Exercise:
Whenever a picture appears in the data, skip it and write out all other material exactly.

◇ ◇ ◇ ◇ ◇

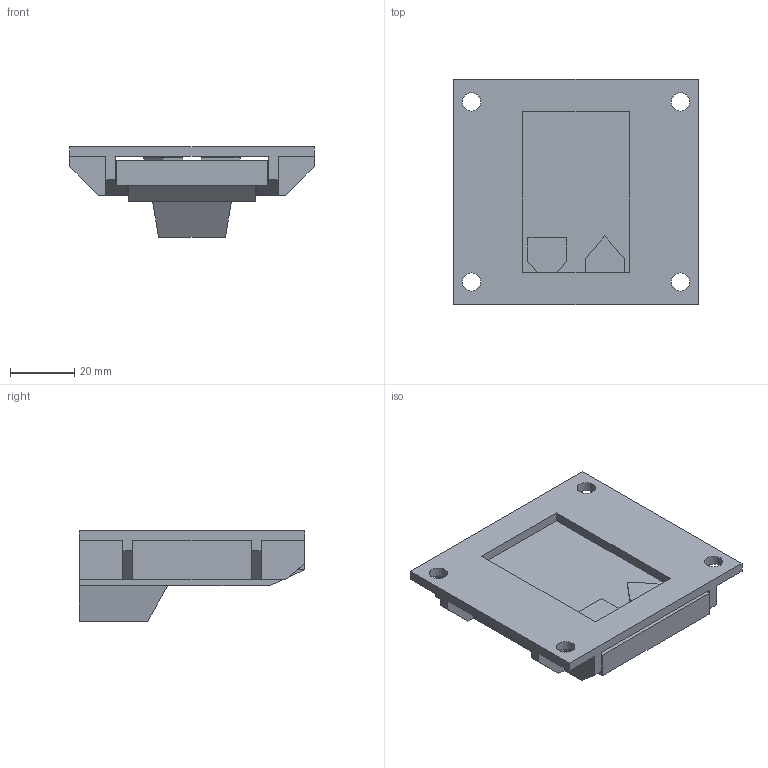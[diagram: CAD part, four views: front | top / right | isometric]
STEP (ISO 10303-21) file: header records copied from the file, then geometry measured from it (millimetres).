
FILE_DESCRIPTION( ( 'STEP AP214' ), '1' );
FILE_NAME( 'C:/Users/KOSH/Desktop/New folder/2021/Actiforce/Export/9309936.stp', '2021-12-03T09:46:12', ( '' ), ( '' ), ' ', 'PARTsolutions', ' ' );
FILE_SCHEMA( ( 'AUTOMOTIVE_DESIGN { 1 0 10303 214 1 1 1 1 }' ) );
Length unit declared in the file: millimetre
Products named in the file (1): _9309936
Bounding box: 76 x 70 x 28.1 mm (x, y, z)
Volume: 62264.5 mm3; surface area: 23514.6 mm2
Topology: 1 solids, 1 shells, 84 faces, 235 edges, 156 vertices
Faces by surface type: plane 80, cylinder 4
Full cylindrical faces by diameter (mm): 5.655 x4
Entity records: 3343 total; most frequent: CARTESIAN_POINT 472, ORIENTED_EDGE 462, DIRECTION 409, EDGE_CURVE 231, LINE 223, VECTOR 223, VERTEX_POINT 156, EDGE_LOOP 103
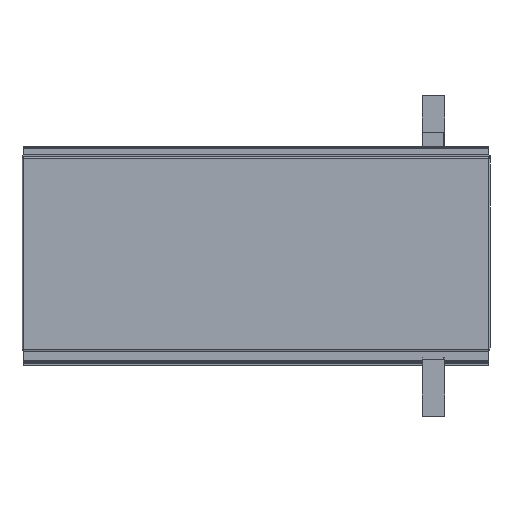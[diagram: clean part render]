
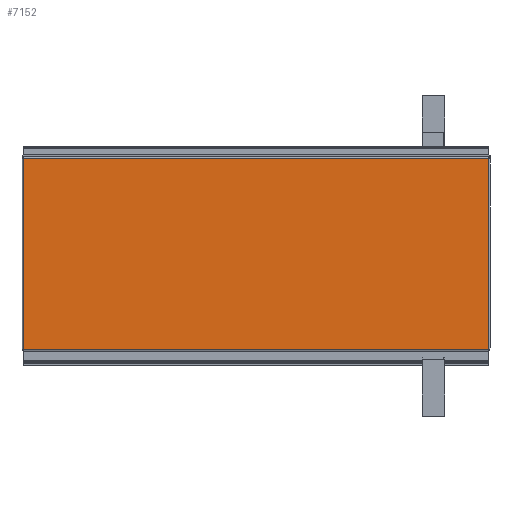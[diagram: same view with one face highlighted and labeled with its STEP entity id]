
A CAD part, front view. The second image highlights one B-rep face of the part: STEP entity #7152.
In plain terms, the highlighted planar face has unit normal (0, -1, 0) as drawn and (1, 0, 0) by its records, which use the part's own axes.
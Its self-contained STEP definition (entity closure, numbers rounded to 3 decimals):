
#4037=ORIENTED_EDGE('',*,*,#5561,.T.);
#4038=ORIENTED_EDGE('',*,*,#5498,.F.);
#4039=ORIENTED_EDGE('',*,*,#5562,.F.);
#4040=ORIENTED_EDGE('',*,*,#5563,.F.);
#4645=VECTOR('',#6175,1.);
#4687=VECTOR('',#6293,1.);
#4688=VECTOR('',#6296,1.);
#4689=VECTOR('',#6297,1.);
#4945=LINE('',#7351,#4645);
#4987=LINE('',#7475,#4687);
#4988=LINE('',#7478,#4688);
#4989=LINE('',#7479,#4689);
#5215=VERTEX_POINT('',#7264);
#5249=VERTEX_POINT('',#7349);
#5285=VERTEX_POINT('',#7436);
#5294=VERTEX_POINT('',#7477);
#5498=EDGE_CURVE('',#5215,#5249,#4945,.T.);
#5561=EDGE_CURVE('',#5285,#5249,#4987,.T.);
#5562=EDGE_CURVE('',#5294,#5215,#4988,.T.);
#5563=EDGE_CURVE('',#5285,#5294,#4989,.T.);
#5854=EDGE_LOOP('',(#4037,#4038,#4039,#4040));
#5990=FACE_BOUND('',#5854,.T.);
#6175=DIRECTION('',(0.,-507.773,0.));
#6293=DIRECTION('',(0.,0.,-1233.));
#6294=DIRECTION('',(1.,0.,0.));
#6295=DIRECTION('',(0.,-1.,0.));
#6296=DIRECTION('',(0.,0.,-1233.));
#6297=DIRECTION('',(0.,507.773,0.));
#6880=AXIS2_PLACEMENT_3D('',#7476,#6294,#6295);
#7047=PLANE('',#6880);
#7152=ADVANCED_FACE('',(#5990),#7047,.T.);
#7264=CARTESIAN_POINT('',(0.,532.315,-1236.));
#7349=CARTESIAN_POINT('',(0.,24.542,-1236.));
#7351=CARTESIAN_POINT('',(0.,532.315,-1236.));
#7436=CARTESIAN_POINT('',(0.,24.542,-3.));
#7475=CARTESIAN_POINT('',(0.,24.542,-3.));
#7476=CARTESIAN_POINT('',(0.,532.315,0.));
#7477=CARTESIAN_POINT('',(0.,532.315,-3.));
#7478=CARTESIAN_POINT('',(0.,532.315,-3.));
#7479=CARTESIAN_POINT('',(0.,24.542,-3.));

◇ ◇ ◇ ◇ ◇

Task solution:
[diagram: CAD part, four views: front | top / right | isometric]
STEP (ISO 10303-21) file: header records copied from the file, then geometry measured from it (millimetres).
FILE_DESCRIPTION( ( 'STEP AP214' ), '1' );
FILE_NAME( 'C:/Users/KOSH/Desktop/New folder/2021/Actiforce/Export/9309936.stp', '2021-12-03T09:46:12', ( '' ), ( '' ), ' ', 'PARTsolutions', ' ' );
FILE_SCHEMA( ( 'AUTOMOTIVE_DESIGN { 1 0 10303 214 1 1 1 1 }' ) );
Length unit declared in the file: millimetre
Products named in the file (1): _9309936
Bounding box: 76 x 70 x 28.1 mm (x, y, z)
Volume: 62264.5 mm3; surface area: 23514.6 mm2
Topology: 1 solids, 1 shells, 84 faces, 235 edges, 156 vertices
Faces by surface type: plane 80, cylinder 4
Full cylindrical faces by diameter (mm): 5.655 x4
Entity records: 3343 total; most frequent: CARTESIAN_POINT 472, ORIENTED_EDGE 462, DIRECTION 409, EDGE_CURVE 231, LINE 223, VECTOR 223, VERTEX_POINT 156, EDGE_LOOP 103
[diagram: clean part render]
[diagram: same view with one face highlighted and labeled with its STEP entity id]
A CAD part, front view. The second image highlights one B-rep face of the part: STEP entity #7152.
In plain terms, the highlighted planar face has unit normal (0, -1, 0) as drawn and (1, 0, 0) by its records, which use the part's own axes.
Its self-contained STEP definition (entity closure, numbers rounded to 3 decimals):
#4037=ORIENTED_EDGE('',*,*,#5561,.T.);
#4038=ORIENTED_EDGE('',*,*,#5498,.F.);
#4039=ORIENTED_EDGE('',*,*,#5562,.F.);
#4040=ORIENTED_EDGE('',*,*,#5563,.F.);
#4645=VECTOR('',#6175,1.);
#4687=VECTOR('',#6293,1.);
#4688=VECTOR('',#6296,1.);
#4689=VECTOR('',#6297,1.);
#4945=LINE('',#7351,#4645);
#4987=LINE('',#7475,#4687);
#4988=LINE('',#7478,#4688);
#4989=LINE('',#7479,#4689);
#5215=VERTEX_POINT('',#7264);
#5249=VERTEX_POINT('',#7349);
#5285=VERTEX_POINT('',#7436);
#5294=VERTEX_POINT('',#7477);
#5498=EDGE_CURVE('',#5215,#5249,#4945,.T.);
#5561=EDGE_CURVE('',#5285,#5249,#4987,.T.);
#5562=EDGE_CURVE('',#5294,#5215,#4988,.T.);
#5563=EDGE_CURVE('',#5285,#5294,#4989,.T.);
#5854=EDGE_LOOP('',(#4037,#4038,#4039,#4040));
#5990=FACE_BOUND('',#5854,.T.);
#6175=DIRECTION('',(0.,-507.773,0.));
#6293=DIRECTION('',(0.,0.,-1233.));
#6294=DIRECTION('',(1.,0.,0.));
#6295=DIRECTION('',(0.,-1.,0.));
#6296=DIRECTION('',(0.,0.,-1233.));
#6297=DIRECTION('',(0.,507.773,0.));
#6880=AXIS2_PLACEMENT_3D('',#7476,#6294,#6295);
#7047=PLANE('',#6880);
#7152=ADVANCED_FACE('',(#5990),#7047,.T.);
#7264=CARTESIAN_POINT('',(0.,532.315,-1236.));
#7349=CARTESIAN_POINT('',(0.,24.542,-1236.));
#7351=CARTESIAN_POINT('',(0.,532.315,-1236.));
#7436=CARTESIAN_POINT('',(0.,24.542,-3.));
#7475=CARTESIAN_POINT('',(0.,24.542,-3.));
#7476=CARTESIAN_POINT('',(0.,532.315,0.));
#7477=CARTESIAN_POINT('',(0.,532.315,-3.));
#7478=CARTESIAN_POINT('',(0.,532.315,-3.));
#7479=CARTESIAN_POINT('',(0.,24.542,-3.));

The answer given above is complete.